Climate change is a pressing issue, and reducing CO2 emissions is crucial. One promising solution is storing CO2 in geological reservoirs, such as the saline aquifers in the North Sea, which can hold vast amounts of CO2 and help mitigate climate change. A key physical process of geological CO2 storage is called dissolution trapping, where CO2 dissolves in water and sinks as it becomes heavier, a process amplified by convective mixing. This is important because it accelerates CO2 storage and prevents leakage. Understanding this process allows for better planning of storage operations. However, accurately modeling it is challenging due to the complex nature of geological formations.
The TIME4CO2 project combines advanced laboratory experiments, high-resolution data analysis, and innovative mathematical modeling. Through tight integration of these, the goal is to improve simulation technology for CO2 storage, ensuring accurate predictions of how CO2 behaves in the subsurface under realistic conditions. This will help maximize CO2 storage and ensure long-term stability.
Geological CO2 storage is a key component of any climate change mitigation strategy for reducing CO2 emissions, highlighted in the latest IPCC report. Geological reservoirs, like saline aquifers in the North Sea, offer vast storage capacities. A central beneficial phenomenon in geological carbon storage and primary focus of the TIME4CO2 project is dissolution trapping enabled by buoyancy-driven convective mixing, both accelerating storage and preventing leakage. As identified in two recent benchmark initiatives, effective and efficient numerical modeling of dissolution taking into account anisotropic dispersion remains a key scientific challenge in computational reservoir modeling. Moreover, previous experimental studies of convective mixing in literature have focused on overly idealized conditions. There remains a lack of high-quality laboratory data of convective mixing in active and heterogeneous aquifers for quantitative model validation.
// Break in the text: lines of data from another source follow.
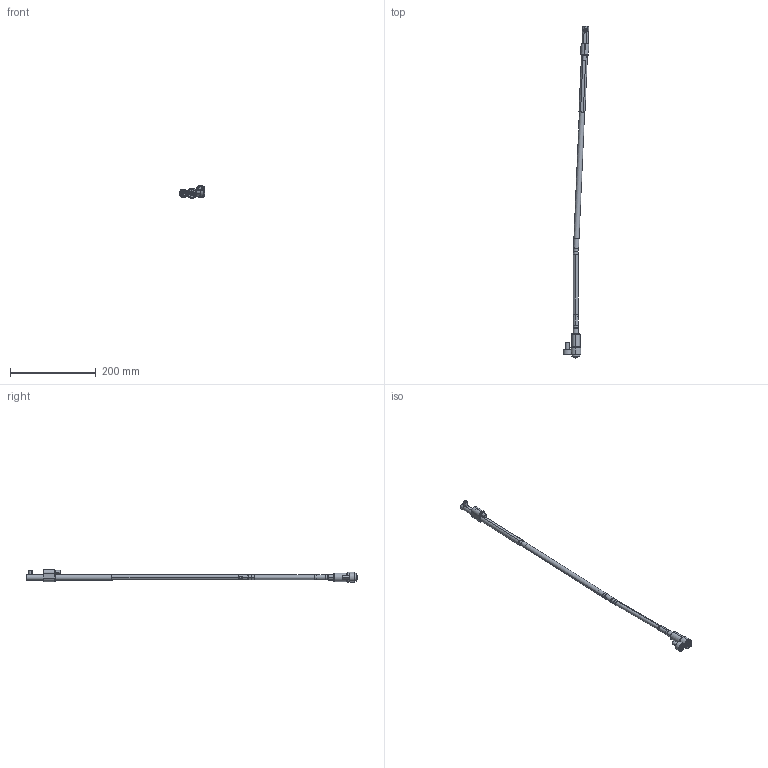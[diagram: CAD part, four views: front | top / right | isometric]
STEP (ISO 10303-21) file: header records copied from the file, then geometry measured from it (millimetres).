
FILE_DESCRIPTION (( 'STEP AP214' ), '1' );
FILE_NAME ('WL120125-INJ 2,5°.STEP', '2021-03-19T15:39:33', ( '' ), ( '' ), 'SwSTEP 2.0', 'SolidWorks 2019', '' );
FILE_SCHEMA (( 'AUTOMOTIVE_DESIGN' ));
Length unit declared in the file: millimetre
Products named in the file (17): Web-WL12-A8; Web-WL12-A1; 9DR2808-TOR; Web-WL12-F00.SLDPRT; 8WL12EJEP; WL120100-E; Web-WL12-A3; WL120125-INJ 2,5°; Web-WL12-F01; 3IMAN5X3-150_con sellador; 1DIN912820_DIN 912 M8 x 20 --- 20C; Web-WL12-A2; WL120100-B; Web-WL12-XX_OFF-WL120125-2,5; 1DIN912645_DIN 912 M6 x 45 --- 45C; WL120100-B1; WL120100-D
Assembly tree (16 placements, depth 3):
  WL120125-INJ 2,5°
    Web-WL12-A8
    Web-WL12-XX_OFF-WL120125-2,5
    Web-WL12-A3
    Web-WL12-A2
    Web-WL12-A1
    Web-WL12-F00.SLDPRT
      Web-WL12-F01
      1DIN912820_DIN 912 M8 x 20 --- 20C
      1DIN912645_DIN 912 M6 x 45 --- 45C
    WL120100-D
    8WL12EJEP
    WL120100-E
    9DR2808-TOR
    WL120100-B
      WL120100-B1
      3IMAN5X3-150_con sellador
Bounding box: 59.72 x 772.79 x 29.9 mm (x, y, z)
Volume: 116548.5 mm3; surface area: 51030 mm2
Topology: 15 solids, 15 shells, 432 faces, 906 edges, 525 vertices
Faces by surface type: plane 139, cylinder 123, cone 120, torus 50
Entity records: 13661 total; most frequent: DIRECTION 2240, CARTESIAN_POINT 2104, ORIENTED_EDGE 1788, AXIS2_PLACEMENT_3D 929, EDGE_CURVE 894, VERTEX_POINT 525, EDGE_LOOP 477, CIRCLE 476

Through an interdisciplinary approach, combining unprecedented laboratory experiments, high-resolution image-based data analysis, and innovative mathematical modeling, the TIME4CO2 project aims to "advance simulation technology for CO2 storage, capturing spatio-temporal evolution of dissolution processes and convective mixing, validated against high-resolution complex meter-scale laboratory experiments". TIME4CO2 will develop novel efficient numerical methods for multi-phase flow in porous media subject to anisotropic dispersion and convective mixing. The methodology will be validated against meter-scale laboratory CO2 storage experiments with emphasis on reservoir heterogeneity, dynamic injection, and background flow. Quantitative model validation will be performed using physics informed optimal transport metrics. This toolset will allow for probing for maximal CO2 storage and scrutinize timescales central for geological carbon storage from onset of dissolution to stable stratification after reinjection.